> _The records_
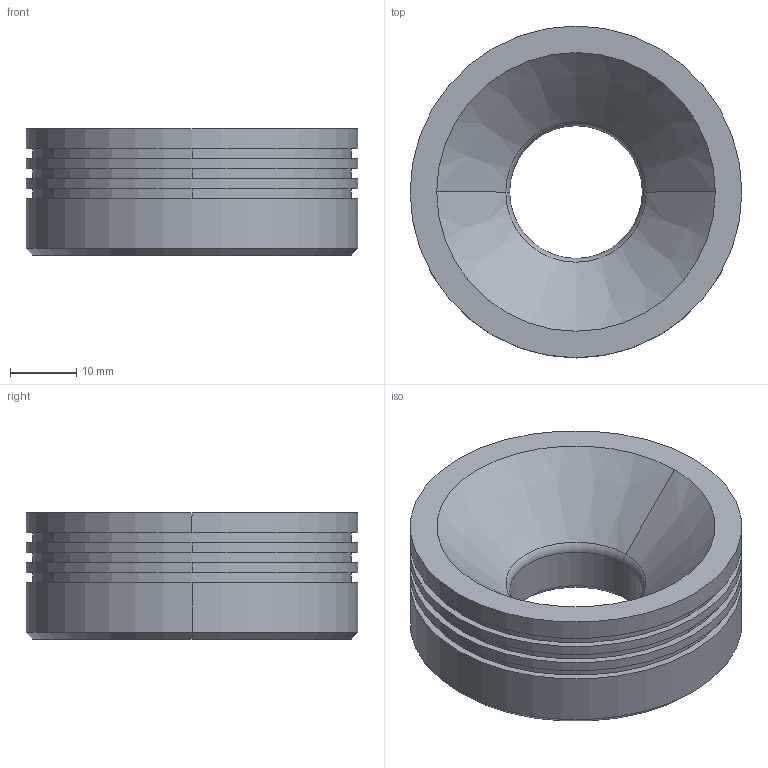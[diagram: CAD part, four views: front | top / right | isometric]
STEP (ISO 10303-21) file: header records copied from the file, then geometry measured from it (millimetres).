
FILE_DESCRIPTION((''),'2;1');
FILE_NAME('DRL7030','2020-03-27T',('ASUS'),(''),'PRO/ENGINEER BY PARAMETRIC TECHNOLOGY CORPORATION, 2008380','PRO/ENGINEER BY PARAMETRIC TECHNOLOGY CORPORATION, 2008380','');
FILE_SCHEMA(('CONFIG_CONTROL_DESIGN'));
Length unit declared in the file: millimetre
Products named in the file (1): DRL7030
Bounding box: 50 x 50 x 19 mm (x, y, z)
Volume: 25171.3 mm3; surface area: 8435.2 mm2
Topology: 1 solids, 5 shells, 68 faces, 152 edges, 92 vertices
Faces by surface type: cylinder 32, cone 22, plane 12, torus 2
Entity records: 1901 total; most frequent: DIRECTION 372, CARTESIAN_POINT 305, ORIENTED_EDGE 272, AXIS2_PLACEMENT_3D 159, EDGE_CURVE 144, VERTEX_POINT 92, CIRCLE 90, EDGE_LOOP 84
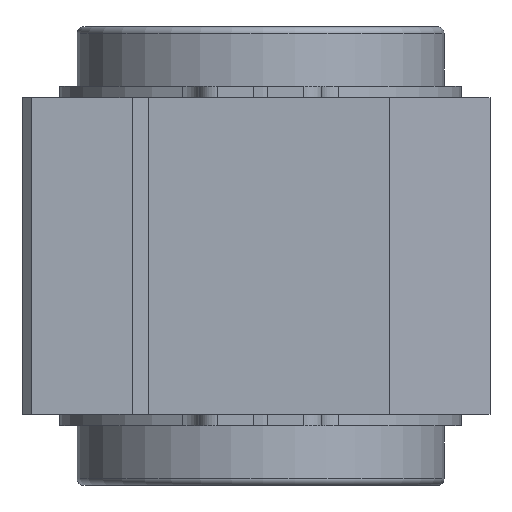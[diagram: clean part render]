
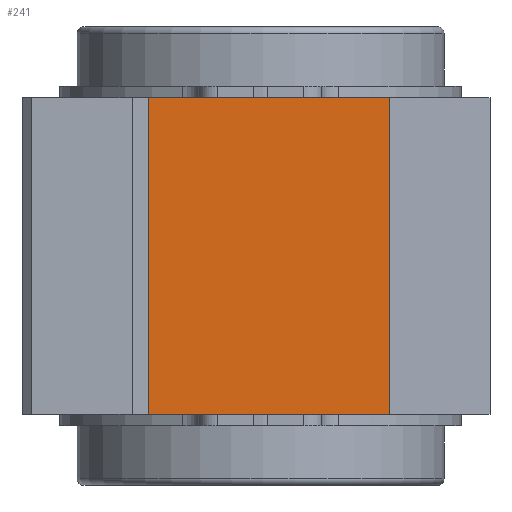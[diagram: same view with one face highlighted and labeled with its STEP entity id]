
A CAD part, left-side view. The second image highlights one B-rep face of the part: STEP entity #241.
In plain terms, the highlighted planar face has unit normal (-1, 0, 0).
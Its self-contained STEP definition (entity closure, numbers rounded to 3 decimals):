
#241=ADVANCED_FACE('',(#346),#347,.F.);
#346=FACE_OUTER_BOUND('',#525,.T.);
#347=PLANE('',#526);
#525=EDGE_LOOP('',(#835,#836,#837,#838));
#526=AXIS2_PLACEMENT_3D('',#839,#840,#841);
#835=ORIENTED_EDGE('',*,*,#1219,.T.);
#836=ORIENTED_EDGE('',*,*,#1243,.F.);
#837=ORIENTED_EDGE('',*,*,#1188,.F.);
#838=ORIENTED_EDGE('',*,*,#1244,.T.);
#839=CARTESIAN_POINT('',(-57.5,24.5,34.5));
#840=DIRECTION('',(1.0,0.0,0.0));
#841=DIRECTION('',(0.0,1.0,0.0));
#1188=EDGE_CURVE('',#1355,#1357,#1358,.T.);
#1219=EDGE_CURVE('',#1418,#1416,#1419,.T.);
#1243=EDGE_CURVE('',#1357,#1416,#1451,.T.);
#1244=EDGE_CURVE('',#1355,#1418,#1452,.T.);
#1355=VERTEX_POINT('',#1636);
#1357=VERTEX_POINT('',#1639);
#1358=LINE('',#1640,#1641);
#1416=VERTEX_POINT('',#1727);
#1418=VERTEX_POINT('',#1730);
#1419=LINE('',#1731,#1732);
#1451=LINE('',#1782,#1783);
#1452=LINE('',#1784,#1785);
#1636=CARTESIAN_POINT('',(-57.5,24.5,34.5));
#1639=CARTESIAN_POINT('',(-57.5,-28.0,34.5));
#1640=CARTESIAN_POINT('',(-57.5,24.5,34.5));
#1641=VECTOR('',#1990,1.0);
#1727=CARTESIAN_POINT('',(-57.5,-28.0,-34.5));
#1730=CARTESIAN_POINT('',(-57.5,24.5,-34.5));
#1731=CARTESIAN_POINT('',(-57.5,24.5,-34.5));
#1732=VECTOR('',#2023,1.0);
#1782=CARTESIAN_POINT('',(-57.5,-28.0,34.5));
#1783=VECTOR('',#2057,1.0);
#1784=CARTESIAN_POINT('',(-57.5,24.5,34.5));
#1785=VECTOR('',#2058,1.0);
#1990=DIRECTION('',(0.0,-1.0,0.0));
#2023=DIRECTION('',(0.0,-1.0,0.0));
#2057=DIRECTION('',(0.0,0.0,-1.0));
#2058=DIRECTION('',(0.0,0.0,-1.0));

> _Directions_
What is needed is an exact copy of the lines from the one containing "#2023=DIRECTION('',(0.0,-1.0,0.0));" through the last line of the records above, both included.

> _Your solution_
#2023=DIRECTION('',(0.0,-1.0,0.0));
#2057=DIRECTION('',(0.0,0.0,-1.0));
#2058=DIRECTION('',(0.0,0.0,-1.0));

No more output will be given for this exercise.